You've seen questions about them in the forums and pictures on the 'gram. Reality TV personalities, rappers, and models, pose with a bottle (or cup of tummy flattening tea) praise supplements that promise transformations of your hair from the inside out.


Claiming to "boost your hair's natural collagen" and help hair reach its "maximum capacity," these "specially formulated" pills say you'll have longer, thicker, shinier hair in just 3 months. But do hair vitamins actually work?

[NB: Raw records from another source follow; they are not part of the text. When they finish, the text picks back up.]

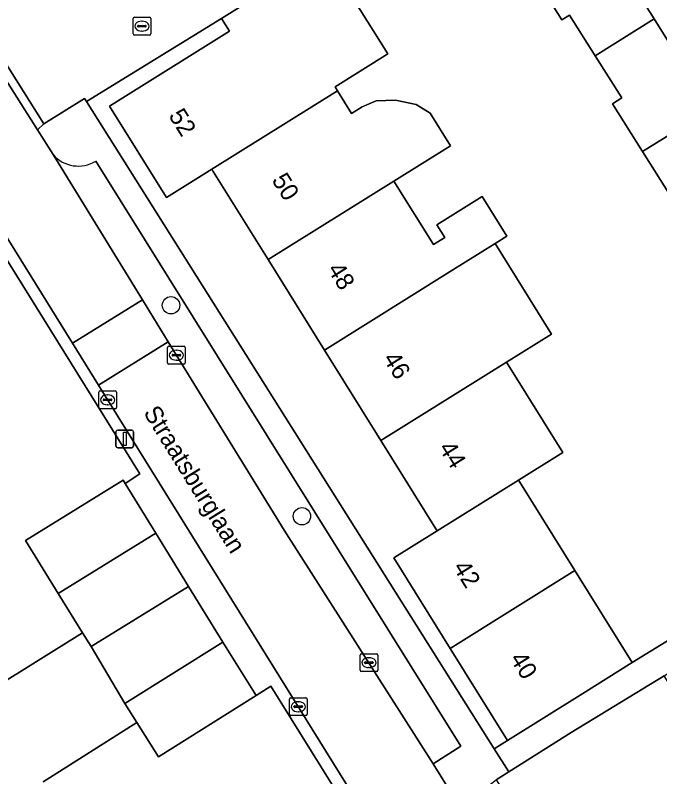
# Model space of a CAD drawing. Extents: x 157767 to 159172, y 387839 to 389425.
# Drawn here: x 158701.65 to 158737.96, y 388316.32 to 388359.2 of the extents above; entities that cross this region are included whole.
import ezdxf

# ---------------------------------------------------------------- set-up
doc = ezdxf.new("R2010")
doc.units = 0
for name, color, linetype in [('IMGEO_Boom', 7, 'Continuous'), ('IMGEO_Erf', 7, 'Continuous'), ('IMGEO_Kolk', 7, 'Continuous'), ('IMGEO_Lichtmast', 7, 'Continuous'), ('IMGEO_Muur', 7, 'Continuous'), ('IMGEO_Openbare_ruimte_label', 7, 'Continuous'), ('IMGEO_Pand', 7, 'Continuous'), ('IMGEO_Pand_nummerreeks', 7, 'Continuous'), ('IMGEO_Parkeervlak_open', 7, 'Continuous'), ('IMGEO_Rijbaan_lokaal_open', 7, 'Continuous'), ('IMGEO_Rioolput', 7, 'Continuous'), ('IMGEO_Voetpad_open', 7, 'Continuous')]:
    doc.layers.add(name, color=color, linetype=linetype)

msp = doc.modelspace()

# ---------------------------------------------------------------- linework, layer by layer
at = {"layer": 'IMGEO_Boom'}
for centre in [(158710.428, 388342.868), (158717.804, 388330.994)]:
    msp.add_circle(centre, 0.489, dxfattribs=at)
at = {"layer": 'IMGEO_Erf'}
for points in [[(158719.106, 388362.653), (158722.638, 388357.021), (158719.673, 388355.162), (158719.807, 388354.948), (158720.601, 388353.674), (158721.195, 388354.045), (158721.983, 388354.387), (158723.079, 388354.421), (158724.244, 388354.182), (158725.027, 388353.681), (158726.171, 388351.846), (158722.98, 388349.856), (158725.206, 388346.287), (158725.845, 388346.685), (158725.397, 388347.403), (158727.949, 388348.993), (158729.345, 388346.753), (158728.689, 388346.344), (158731.863, 388341.252), (158729.329, 388339.673), (158732.503, 388334.581), (158730.008, 388333.026), (158730.076, 388332.917), (158733.182, 388327.935), (158736.412, 388322.754), (158749.925, 388331.057)], [(158738.656, 388348.883), (158736.991, 388351.52), (158735.288, 388354.217), (158735.815, 388354.551), (158734.317, 388356.923), (158732.874, 388359.207), (158732.436, 388358.932), (158730.636, 388361.813)], [(158697.867, 388325.585), (158699.924, 388322.301), (158700.427, 388321.307), (158705.446, 388324.425), (158704.08, 388326.64), (158702.237, 388329.63), (158707.732, 388333.019), (158707.851, 388332.826), (158708.677, 388333.375), (158699.757, 388347.691), (158698.377, 388349.906), (158695.013, 388355.305)], [(158722.916, 388310.385), (158716.055, 388321.427), (158715.228, 388320.899), (158709.715, 388317.449), (158708.509, 388319.375), (158703.226, 388316.032)]]:
    msp.add_lwpolyline(points, dxfattribs=at)
for points in [[(158715.895, 388345.44), (158712.801, 388350.403), (158712.721, 388350.531), (158710.167, 388348.939), (158706.959, 388354.086), (158713.715, 388358.298), (158713.27, 388359.011), (158705.669, 388354.34), (158728.633, 388317.904), (158729.385, 388318.373), (158726.155, 388323.554), (158722.981, 388328.645), (158725.417, 388330.164), (158725.34, 388330.288), (158722.243, 388335.256), (158719.069, 388340.348)], [(158711.419, 388327.042), (158705.923, 388323.652), (158707.834, 388320.454), (158713.347, 388323.904)]]:
    msp.add_lwpolyline(points, close=True, dxfattribs=at)
at = {"layer": 'IMGEO_Kolk'}
for p, q in [((158710.232, 388339.633), (158710.232, 388340.485)), ((158710.307, 388340.559), (158711.159, 388340.559)), ((158711.233, 388340.485), (158711.233, 388339.633)), ((158710.491, 388340.053), (158710.491, 388340.065)), ((158710.929, 388340.016), (158710.531, 388340.016)), ((158710.534, 388340.102), (158710.932, 388340.102)), ((158710.72, 388340.339), (158710.745, 388340.339)), ((158710.975, 388340.065), (158710.975, 388340.053)), ((158710.743, 388339.779), (158710.718, 388339.779)), ((158711.159, 388339.559), (158710.307, 388339.559)), ((158706.353, 388337.119), (158706.353, 388337.971)), ((158706.428, 388338.045), (158707.28, 388338.045)), ((158707.354, 388337.971), (158707.354, 388337.119)), ((158706.612, 388337.539), (158706.612, 388337.551)), ((158707.05, 388337.502), (158706.652, 388337.502)), ((158706.655, 388337.588), (158707.053, 388337.588)), ((158706.841, 388337.825), (158706.866, 388337.825)), ((158707.096, 388337.551), (158707.096, 388337.539)), ((158707.28, 388337.045), (158706.428, 388337.045)), ((158706.864, 388337.265), (158706.839, 388337.265)), ((158721.075, 388322.322), (158721.075, 388323.174)), ((158721.15, 388323.248), (158722.002, 388323.248)), ((158721.563, 388323.028), (158721.588, 388323.028)), ((158722.076, 388323.174), (158722.076, 388322.322)), ((158721.334, 388322.742), (158721.334, 388322.754)), ((158721.772, 388322.705), (158721.374, 388322.705)), ((158721.377, 388322.791), (158721.775, 388322.791)), ((158721.586, 388322.468), (158721.561, 388322.468)), ((158721.818, 388322.754), (158721.818, 388322.742)), ((158722.002, 388322.248), (158721.15, 388322.248)), ((158717.171, 388320.767), (158718.023, 388320.767)), ((158717.096, 388319.841), (158717.096, 388320.693)), ((158717.398, 388320.31), (158717.796, 388320.31)), ((158717.584, 388320.547), (158717.609, 388320.547)), ((158718.097, 388320.693), (158718.097, 388319.841)), ((158717.355, 388320.261), (158717.355, 388320.273)), ((158717.793, 388320.224), (158717.395, 388320.224)), ((158717.607, 388319.987), (158717.582, 388319.987)), ((158717.839, 388320.273), (158717.839, 388320.261)), ((158718.023, 388319.767), (158717.171, 388319.767))]:
    msp.add_line(p, q, dxfattribs=at)
for points in [[(158710.232, 388339.633), (158710.232, 388340.485)], [(158710.307, 388340.559), (158711.159, 388340.559)], [(158711.233, 388340.485), (158711.233, 388339.633)], [(158711.159, 388339.559), (158710.307, 388339.559)], [(158706.353, 388337.119), (158706.353, 388337.971)], [(158706.428, 388338.045), (158707.28, 388338.045)], [(158707.354, 388337.971), (158707.354, 388337.119)], [(158707.28, 388337.045), (158706.428, 388337.045)], [(158721.075, 388322.322), (158721.075, 388323.174)], [(158721.15, 388323.248), (158722.002, 388323.248)], [(158722.076, 388323.174), (158722.076, 388322.322)], [(158722.002, 388322.248), (158721.15, 388322.248)], [(158717.171, 388320.767), (158718.023, 388320.767)], [(158717.096, 388319.841), (158717.096, 388320.693)], [(158718.097, 388320.693), (158718.097, 388319.841)], [(158718.023, 388319.767), (158717.171, 388319.767)]]:
    msp.add_lwpolyline(points, dxfattribs=at)
for centre, radius, start, end in [((158710.309, 388340.483), 0.0765, 91.552, 178.448), ((158710.309, 388340.483), 0.0765, 91.552, 178.448), ((158711.157, 388340.483), 0.0765, 1.552, 88.448), ((158711.157, 388340.483), 0.0765, 1.552, 88.448), ((158710.531, 388340.062), 0.0403, 85.8775, 175.7526), ((158710.528, 388340.052), 0.0366, 178.938, 274.7102), ((158710.932, 388340.059), 0.043, 264.8664, 352.4533), ((158710.936, 388340.064), 0.0386, 1.7309, 96.639), ((158710.309, 388339.635), 0.0765, 181.552, 268.448), ((158710.309, 388339.635), 0.0765, 181.552, 268.448), ((158711.157, 388339.635), 0.0765, 271.552, 358.448), ((158711.157, 388339.635), 0.0765, 271.552, 358.448), ((158706.43, 388337.969), 0.0765, 91.552, 178.448), ((158706.43, 388337.969), 0.0765, 91.552, 178.448), ((158707.278, 388337.969), 0.0765, 1.552, 88.448), ((158707.278, 388337.969), 0.0765, 1.552, 88.448), ((158706.652, 388337.548), 0.0403, 85.8775, 175.7526), ((158706.649, 388337.538), 0.0366, 178.938, 274.7102), ((158707.053, 388337.545), 0.043, 264.8664, 352.4533), ((158707.057, 388337.55), 0.0386, 1.7309, 96.639), ((158706.43, 388337.121), 0.0765, 181.552, 268.448), ((158706.43, 388337.121), 0.0765, 181.552, 268.448), ((158707.278, 388337.121), 0.0765, 271.552, 358.448), ((158707.278, 388337.121), 0.0765, 271.552, 358.448), ((158721.152, 388323.172), 0.0765, 91.552, 178.448), ((158721.152, 388323.172), 0.0765, 91.552, 178.448), ((158722, 388323.172), 0.0765, 1.552, 88.448), ((158722, 388323.172), 0.0765, 1.552, 88.448), ((158721.374, 388322.751), 0.0403, 85.8775, 175.7526), ((158721.371, 388322.741), 0.0366, 178.938, 274.7102), ((158721.775, 388322.748), 0.043, 264.8664, 352.4533), ((158721.779, 388322.753), 0.0386, 1.7309, 96.639), ((158721.152, 388322.324), 0.0765, 181.552, 268.448), ((158721.152, 388322.324), 0.0765, 181.552, 268.448), ((158722, 388322.324), 0.0765, 271.552, 358.448), ((158722, 388322.324), 0.0765, 271.552, 358.448), ((158717.173, 388320.691), 0.0765, 91.552, 178.448), ((158717.173, 388320.691), 0.0765, 91.552, 178.448), ((158718.021, 388320.691), 0.0765, 1.552, 88.448), ((158718.021, 388320.691), 0.0765, 1.552, 88.448), ((158717.395, 388320.27), 0.0403, 85.8775, 175.7526), ((158717.8, 388320.272), 0.0386, 1.7309, 96.639), ((158717.392, 388320.26), 0.0366, 178.938, 274.7102), ((158717.796, 388320.267), 0.043, 264.8664, 352.4533), ((158717.173, 388319.843), 0.0765, 181.552, 268.448), ((158717.173, 388319.843), 0.0765, 181.552, 268.448), ((158718.021, 388319.843), 0.0765, 271.552, 358.448), ((158718.021, 388319.843), 0.0765, 271.552, 358.448)]:
    msp.add_arc(centre, radius, start, end, dxfattribs=at)
for centre, major_axis, ratio, start_param, end_param in [((158710.719, 388340.059), (-0.387, 0.002), 0.722429, 4.712389, 7.853982), ((158710.744, 388340.059), (-0.39, 0.002), 0.717154, 1.570796, 4.712389), ((158706.84, 388337.545), (-0.387, 0.002), 0.722429, 4.712389, 7.853982), ((158706.865, 388337.545), (-0.39, 0.002), 0.717154, 1.570796, 4.712389), ((158721.562, 388322.748), (-0.387, 0.002), 0.722429, 4.712389, 7.853982), ((158721.587, 388322.748), (-0.39, 0.002), 0.717154, 1.570796, 4.712389), ((158717.583, 388320.267), (-0.387, 0.002), 0.722429, 4.712389, 7.853982), ((158717.608, 388320.267), (-0.39, 0.002), 0.717154, 1.570796, 4.712389)]:
    msp.add_ellipse(centre, major_axis=major_axis, ratio=ratio, start_param=start_param, end_param=end_param, dxfattribs=at)
at = {"layer": 'IMGEO_Lichtmast'}
for p, q in [((158707.325, 388334.945), (158707.325, 388335.745)), ((158707.325, 388335.745), (158707.325, 388334.945)), ((158707.425, 388335.845), (158708.215, 388335.845)), ((158708.215, 388335.845), (158707.425, 388335.845)), ((158708.315, 388335.745), (158708.315, 388334.945)), ((158708.315, 388334.945), (158708.315, 388335.745)), ((158708.215, 388334.845), (158707.425, 388334.845)), ((158707.425, 388334.845), (158708.215, 388334.845))]:
    msp.add_line(p, q, dxfattribs=at)
msp.add_lwpolyline([(158707.745, 388335.72), (158707.895, 388335.72), (158707.895, 388334.97), (158707.745, 388334.97), (158707.745, 388335.72)], dxfattribs=at)
for centre, start, end in [((158707.425, 388335.745), 90, 180), ((158707.425, 388335.745), 90, 180), ((158708.215, 388335.745), 0, 90), ((158708.215, 388335.745), 360, 90), ((158707.425, 388334.945), 180, 270), ((158707.425, 388334.945), 180, 270), ((158708.215, 388334.945), 270, 0), ((158708.215, 388334.945), 270, 0)]:
    msp.add_arc(centre, 0.1, start, end, dxfattribs=at)
at = {"layer": 'IMGEO_Muur'}
for points in [[(158707.851, 388332.826), (158708.677, 388333.375), (158699.757, 388347.691)], [(158715.228, 388320.899), (158716.055, 388321.427), (158722.916, 388310.385)]]:
    msp.add_lwpolyline(points, dxfattribs=at)
at = {"layer": 'IMGEO_Pand'}
for points in [[(158734.317, 388356.923), (158737.641, 388358.996), (158736.127, 388361.394), (158736.965, 388361.923), (158735.232, 388364.696), (158730.636, 388361.813), (158732.436, 388358.932), (158732.874, 388359.207)], [(158719.673, 388355.162), (158722.638, 388357.021), (158719.106, 388362.653), (158716.138, 388360.799), (158714.028, 388359.483), (158713.27, 388359.011), (158713.715, 388358.298), (158706.959, 388354.086), (158710.167, 388348.939), (158712.721, 388350.531), (158719.807, 388354.948)], [(158734.317, 388356.923), (158735.815, 388354.551), (158735.288, 388354.217), (158736.991, 388351.52), (158741.711, 388354.463), (158739.98, 388357.204), (158739.117, 388356.659), (158737.641, 388358.996)], [(158726.171, 388351.846), (158725.027, 388353.681), (158724.244, 388354.182), (158723.079, 388354.421), (158721.983, 388354.387), (158721.195, 388354.045), (158720.601, 388353.674), (158719.807, 388354.948), (158712.721, 388350.531), (158712.801, 388350.403), (158715.895, 388345.44), (158722.98, 388349.856)], [(158736.991, 388351.52), (158738.656, 388348.883), (158739.159, 388349.201), (158740.67, 388346.8), (158744.021, 388348.916), (158743.539, 388349.678), (158742.526, 388351.281), (158743.38, 388351.821), (158741.711, 388354.463)], [(158728.689, 388346.344), (158729.345, 388346.753), (158727.949, 388348.993), (158725.397, 388347.403), (158725.845, 388346.685), (158725.206, 388346.287), (158722.98, 388349.856), (158715.895, 388345.44), (158719.069, 388340.348), (158726.155, 388344.765)], [(158728.689, 388346.344), (158726.155, 388344.765), (158719.069, 388340.348), (158722.243, 388335.256), (158729.329, 388339.673), (158731.863, 388341.252)], [(158732.503, 388334.581), (158729.329, 388339.673), (158722.243, 388335.256), (158725.34, 388330.288), (158725.417, 388330.164), (158730.008, 388333.026)], [(158704.08, 388326.64), (158709.575, 388330.031), (158707.851, 388332.826), (158707.732, 388333.019), (158702.237, 388329.63)], [(158730.076, 388332.917), (158730.008, 388333.026), (158725.417, 388330.164), (158722.981, 388328.645), (158726.155, 388323.554), (158733.182, 388327.935)], [(158704.08, 388326.64), (158705.446, 388324.425), (158705.923, 388323.652), (158711.419, 388327.042), (158709.575, 388330.031)], [(158733.182, 388327.935), (158726.155, 388323.554), (158729.385, 388318.373), (158733.628, 388321.018), (158736.412, 388322.754)], [(158707.834, 388320.454), (158708.509, 388319.375), (158709.715, 388317.449), (158715.228, 388320.899), (158713.347, 388323.904)], [(158741.422, 388316.9), (158738.21, 388322.001), (158732.968, 388318.824), (158729.453, 388316.604), (158728.74, 388316.153), (158732.02, 388310.961), (158732.924, 388311.532), (158738.296, 388314.925), (158740.998, 388316.632)]]:
    msp.add_lwpolyline(points, close=True, dxfattribs=at)
at = {"layer": 'IMGEO_Parkeervlak_open'}
msp.add_lwpolyline([(158703.783, 388351.351), (158708.813, 388343.18), (158710.271, 388340.813), (158716.803, 388330.202), (158725.204, 388317.057), (158726.75, 388318.046), (158706.186, 388350.981)], dxfattribs=at)
msp.add_arc((158705.206, 388352.603), 1.895, 221.3524, 301.1409, dxfattribs=at)
at = {"layer": 'IMGEO_Rijbaan_lokaal_open'}
for points in [[(158695.263, 388356.383), (158698.945, 388350.263), (158704.873, 388340.728), (158708.813, 388343.18), (158703.783, 388351.351), (158702.9, 388352.747), (158699.712, 388357.758), (158699.005, 388358.846), (158698.189, 388360.267)], [(158703.226, 388316.032), (158708.509, 388319.375), (158707.834, 388320.454), (158705.923, 388323.652), (158705.446, 388324.425), (158700.427, 388321.307), (158699.924, 388322.301), (158697.673, 388320.891), (158698.242, 388319.983), (158695.567, 388318.307), (158692.837, 388316.598), (158692.28, 388317.487), (158689.924, 388316.011)]]:
    msp.add_lwpolyline(points, dxfattribs=at)
for points in [[(158706.34, 388338.368), (158710.271, 388340.813), (158708.813, 388343.18), (158704.873, 388340.728)], [(158706.34, 388338.368), (158724.452, 388309.238), (158728.495, 388311.74), (158725.204, 388317.057), (158716.803, 388330.202), (158710.271, 388340.813)]]:
    msp.add_lwpolyline(points, close=True, dxfattribs=at)
at = {"layer": 'IMGEO_Rioolput'}
for p, q in [((158708.287, 388358.159), (158708.287, 388359.011)), ((158708.362, 388359.085), (158709.214, 388359.085)), ((158709.288, 388359.011), (158709.288, 388358.159)), ((158708.546, 388358.579), (158708.546, 388358.591)), ((158708.984, 388358.542), (158708.586, 388358.542)), ((158708.589, 388358.628), (158708.987, 388358.628)), ((158708.775, 388358.865), (158708.8, 388358.865)), ((158709.03, 388358.591), (158709.03, 388358.579)), ((158709.214, 388358.085), (158708.362, 388358.085)), ((158708.798, 388358.305), (158708.773, 388358.305))]:
    msp.add_line(p, q, dxfattribs=at)
for points in [[(158708.287, 388358.159), (158708.287, 388359.011)], [(158708.362, 388359.085), (158709.214, 388359.085)], [(158709.288, 388359.011), (158709.288, 388358.159)], [(158709.214, 388358.085), (158708.362, 388358.085)]]:
    msp.add_lwpolyline(points, dxfattribs=at)
for centre, radius, start, end in [((158708.364, 388359.009), 0.0765, 91.552, 178.448), ((158708.364, 388359.009), 0.0765, 91.552, 178.448), ((158709.212, 388359.009), 0.0765, 1.552, 88.448), ((158709.212, 388359.009), 0.0765, 1.552, 88.448), ((158708.586, 388358.588), 0.0403, 85.8775, 175.7526), ((158708.583, 388358.578), 0.0366, 178.938, 274.7102), ((158708.987, 388358.585), 0.043, 264.8664, 352.4533), ((158708.991, 388358.59), 0.0386, 1.7309, 96.639), ((158708.364, 388358.161), 0.0765, 181.552, 268.448), ((158708.364, 388358.161), 0.0765, 181.552, 268.448), ((158709.212, 388358.161), 0.0765, 271.552, 358.448), ((158709.212, 388358.161), 0.0765, 271.552, 358.448)]:
    msp.add_arc(centre, radius, start, end, dxfattribs=at)
for centre, major_axis, ratio, start_param, end_param in [((158708.774, 388358.585), (-0.387, 0.002), 0.722429, 4.712389, 7.853982), ((158708.799, 388358.585), (-0.39, 0.002), 0.717154, 1.570796, 4.712389)]:
    msp.add_ellipse(centre, major_axis=major_axis, ratio=ratio, start_param=start_param, end_param=end_param, dxfattribs=at)
at = {"layer": 'IMGEO_Voetpad_open'}
for points in [[(158698.189, 388360.267), (158699.005, 388358.846), (158699.712, 388357.758), (158700.122, 388358.042), (158703.27, 388353.091), (158705.56, 388354.514), (158705.669, 388354.34), (158713.27, 388359.011), (158714.028, 388359.483), (158716.138, 388360.799), (158719.106, 388362.653), (158723.837, 388365.609), (158723.735, 388365.771), (158730.753, 388370.191)], [(158730.753, 388370.191), (158732.823, 388366.905), (158733.561, 388367.369), (158735.232, 388364.696), (158736.965, 388361.923), (158736.127, 388361.394), (158737.641, 388358.996), (158739.117, 388356.659)], [(158706.34, 388338.368), (158704.873, 388340.728), (158698.945, 388350.263), (158695.263, 388356.383)], [(158695.013, 388355.305), (158698.377, 388349.906), (158699.757, 388347.691), (158708.677, 388333.375), (158707.851, 388332.826), (158709.575, 388330.031), (158711.419, 388327.042), (158713.347, 388323.904), (158715.228, 388320.899), (158716.055, 388321.427), (158722.916, 388310.385), (158727.632, 388302.796), (158710.822, 388280.608), (158711.707, 388279.239), (158716.063, 388284.997), (158726.72, 388299.082), (158728.941, 388302.017), (158726.11, 388306.571), (158724.452, 388309.238), (158706.34, 388338.368)], [(158705.669, 388354.34), (158705.56, 388354.514), (158703.27, 388353.091), (158702.9, 388352.747), (158703.783, 388351.351)], [(158706.186, 388350.981), (158726.75, 388318.046), (158725.204, 388317.057), (158728.495, 388311.74), (158730.147, 388309.07), (158734.137, 388302.623), (158734.853, 388301.572), (158736.503, 388299.956), (158749.256, 388287.511), (158749.448, 388287.325), (158750.798, 388288.175), (158745.709, 388293.079), (158746.081, 388293.482), (158738.305, 388301.023), (158737.871, 388300.63), (158736.093, 388302.344), (158727.852, 388315.47), (158728.74, 388316.153), (158729.453, 388316.604), (158728.633, 388317.904), (158705.669, 388354.34)]]:
    msp.add_lwpolyline(points, dxfattribs=at)
for points in [[(158700.122, 388358.042), (158699.712, 388357.758), (158702.9, 388352.747), (158703.27, 388353.091)], [(158748.303, 388328.394), (158751.548, 388330.427), (158750.793, 388331.6), (158749.925, 388331.057), (158736.412, 388322.754), (158733.628, 388321.018), (158729.385, 388318.373), (158728.633, 388317.904), (158729.453, 388316.604), (158732.968, 388318.824), (158738.21, 388322.001)]]:
    msp.add_lwpolyline(points, close=True, dxfattribs=at)
msp.add_arc((158705.206, 388352.603), 1.895, 221.3524, 301.1409, dxfattribs=at)

# ---------------------------------------------------------------- texts
at = {"layer": 'IMGEO_Openbare_ruimte_label'}
msp.add_text('Straatsburglaan', height=1, rotation=301.8778, dxfattribs=at).set_placement((158708.844, 388336.824))
at = {"layer": 'IMGEO_Pand_nummerreeks'}
for s, rotation, p in [('52', 301.9365, (158710.263, 388353.549)), ('50', 301.9365, (158716.071, 388349.921)), ('48', 301.9365, (158719.206, 388344.892)), ('46', 301.9365, (158722.339, 388339.866)), ('44', 301.9365, (158725.474, 388334.837)), ('42', 301.9422, (158726.282, 388328.114)), ('40', 301.9399, (158729.487, 388322.972))]:
    msp.add_text(s, height=1, rotation=rotation, dxfattribs=at).set_placement(p)

doc.saveas('drawing.dxf')

According to Medical Daily, we spend almost $176 million a year on supplements we hope will make our hair grow.

"They’re not made-up pills. Our bodies are already taking them in and they should be a part of our diet," says NYC celebrity hairstylist Devin Toth . "Taking them as supplements consistently ensures that those nutrients and vitamins travel through our bloodstream to essential organs, then to our hair follicles and cortex."

Most hair supplements contain a mix of biotin, Vitamin C, and Vitamin B3, which are all known to help hair growth--but a healthy diet that includes foods high in protein, iron, and other vitamins can also keep hair looking its best. Salmon is full Vitamin D, protein, and omega-3 fatty acids to promote hair growth and almonds can give you a boost in Vitamin E, which keeps blood flowing to your scalp and encourages hair to grow.

"One of the biggest misconceptions is that vitamins will help with these problems, but in fact, they may be linked to internal issues stemming from the thyroid or chronic anemia," says Dr. Melissa Piliang, a dermatologist at the Cleveland Clinic. "Multivitamins or prenatal supplements help to fill gaps found in our diets. We tend to restrict carbohydrates or fats for weight lost or replace them with juices, but vitamins contain important nutrients like biotin, zinc and B-complex that help to enhance the health of our hair."

Hair supplements may promise to help your growth, but the vitamin industry isn't regulated as strictly by the U.S. Food and Drug Administration. The FDA classifies vitamins as dietary supplements, and manufacturers don't have to get the FDA's approval before those pills end up on shelves at your local beauty supply.

"While vitamin deficiencies — notably iron and vitamin D — can contribute to hair shedding, there just isn't data to support the efficacy of vitamin supplements...and people spend so much money on them," says dermatologist Marie Leger.

The bottom line? Be careful about any supplements you take. "Natural" doesn't always mean safe. People of color have been targeted by health scams in the past. According to Cariny Nunez, M.P.H., a public health advisor in the Office of Minority Health at the Food and Drug Administration (FDA), states "scammers know that ethnic groups who may not speak or read English well, or who hold certain cultural beliefs, can be easy targets,” Nunez says. For example, Native Americans, Latinos, Asians and Africans may have a long tradition of turning to more herbal or so-called “natural” remedies." Take caution when combining supplements with other medicines, whether prescription or over-the-counter. (http://www.fda.gov/ForConsumers/ConsumerUpdates/ucm466588.htm)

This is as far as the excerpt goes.